# countdown



## pumbaa (22. Dezember 2003)

hallo

also ich kenn mich noch nicht so aus und hoffe das mir hier einer oder eine  von euch vielleicht helfen kann!

ich will einen counterdownzähler in meine page einbauen. die page basiert nur auf html. 

der counter sollte monate, tage, stunden, minuten und sekunden anzeigen bis zu einem bestimmten tag und uhrzeit runterzählen. wenn die zeit runtergezählt wurde soll eine taxt erscheinen.
weiterhin soll der counterdown nicht in einer inbox oder auf einem layer stehen.

ich wäre euch echt dankbar wenn ihr mir helfen würdet!

also ein danke geht schon mal im voraus raus für eure bemühungen.

mfg pumbaa


----------



## Andreas Gaisbauer (22. Dezember 2003)

> _Original geschrieben von pumbaa _
> *
> weiterhin soll der counterdown nicht in einer inbox oder auf einem layer stehen.
> *


Hallo,

1) was verstehst du unter inbox - bei mir ist das der Ordner in dem neue Emails einsortiert werden, was aber in dem zusammenhang wenig sinn machen würde.

2) Warum nicht auf einem Layer?
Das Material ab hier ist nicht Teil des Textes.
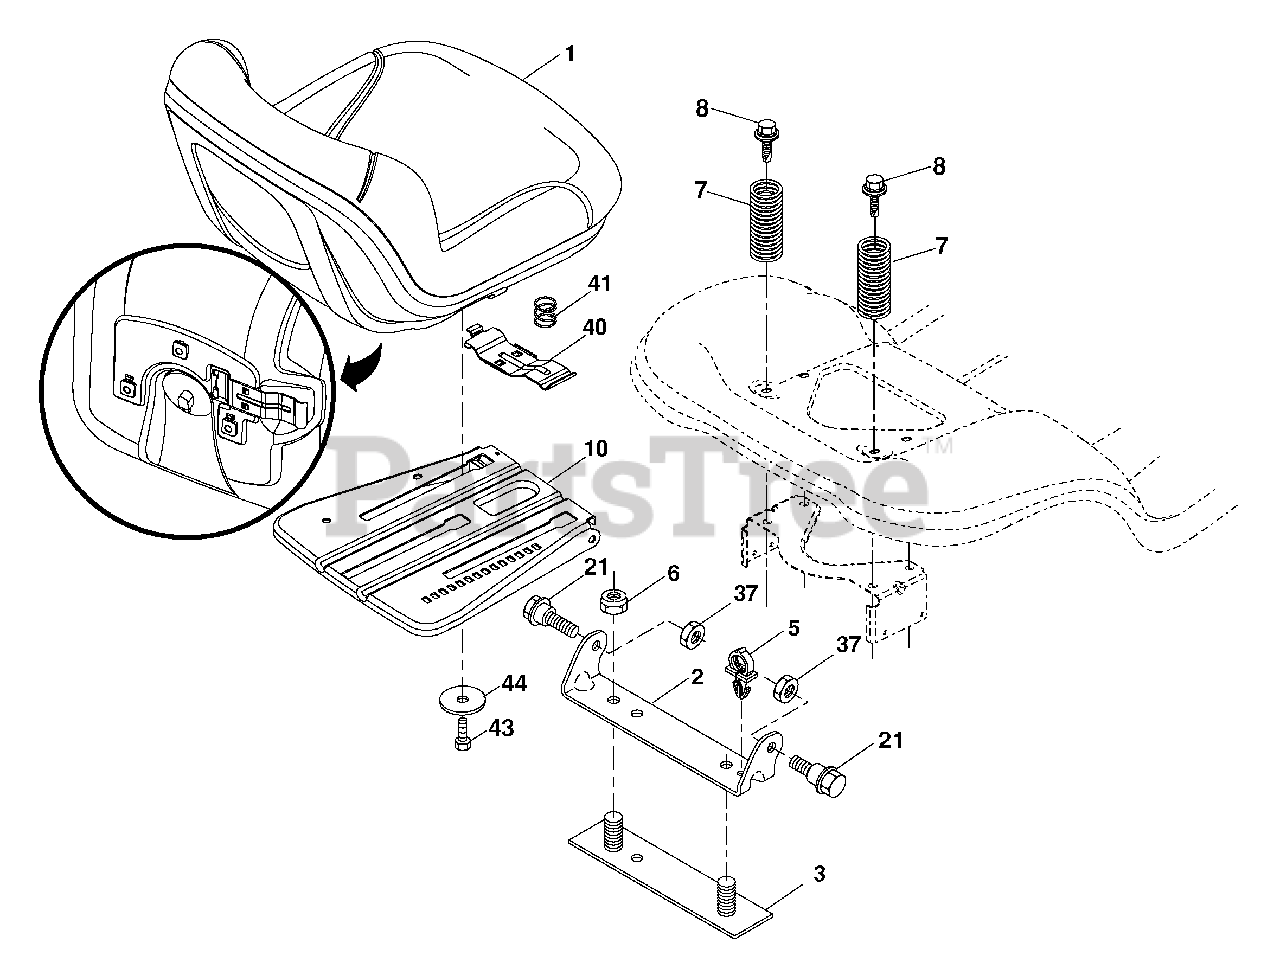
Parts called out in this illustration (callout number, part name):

Oder anders gefragt darf er in <span> Tags stehen?

bye


----------



## pumbaa (30. Dezember 2003)

hmm muß dir ehrlich sagen das mir die span-tags nix sagen! 
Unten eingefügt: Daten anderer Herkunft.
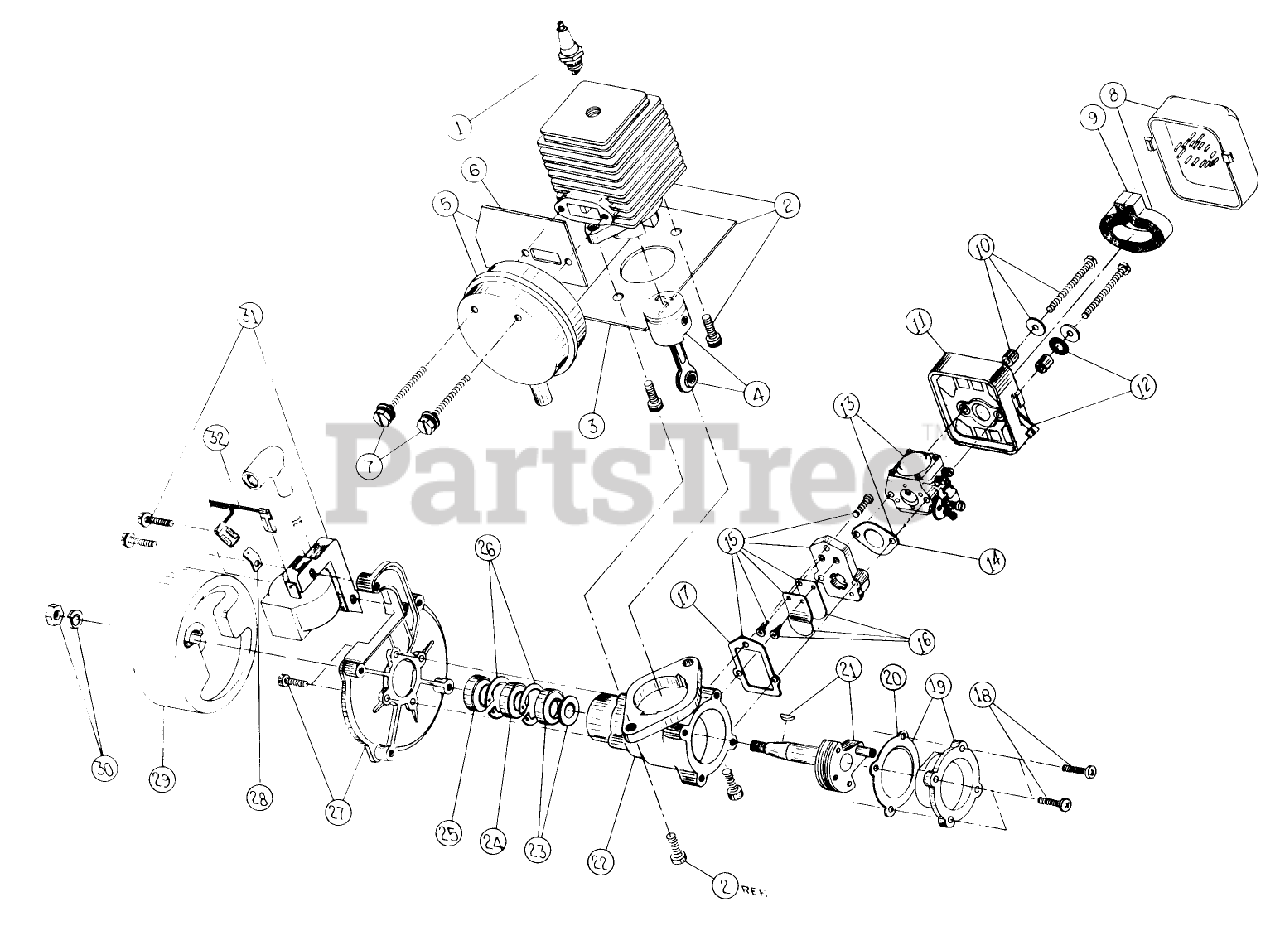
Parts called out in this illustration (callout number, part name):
1	SPARK PLUG
8	AIR CLEANER COVER ASM
23	INNER BEARING ASM
25	OUTER BEARING
38	FLYWHEEL KEY (10-PK)

und mit der inbox meinte ich  das ein kleines weißes schriftfeld kommt und das sieht doof aus 
und wenn er auf einem layer liegt dann hatte ich schon die probleme das es in dream weaver richtig angezeigt wurde aber dann im inet explorer nicht mehr! 
nun weiß ich aber nicht ob ich was falsch gemacht hab oder es normal so ist!
und deswegen will ich es nur als text ausgabe haben!

wäre echt super nett wenn du oder andere mir doch ncoh helfen könnten!

naja hoffe du kannst nun was damit anfangen! 

bis denne pumbaa


----------



## mexximillian (30. Dezember 2003)

Hi,

ich würde dir ja empfehlen einfach auf den Dreamwaver zu verzichten  

zu den <span> tags ----> http://de.selfhtml.org/html/text/bereiche.htm#inline

ansonsten bin ich leider kein großer JS freak, ich würd einfach mal  Googlen 

greetz max


----------



## mexximillian (30. Dezember 2003)

Da hab ich doch was für dich gefunden...müsstest du nur noch anpassen.....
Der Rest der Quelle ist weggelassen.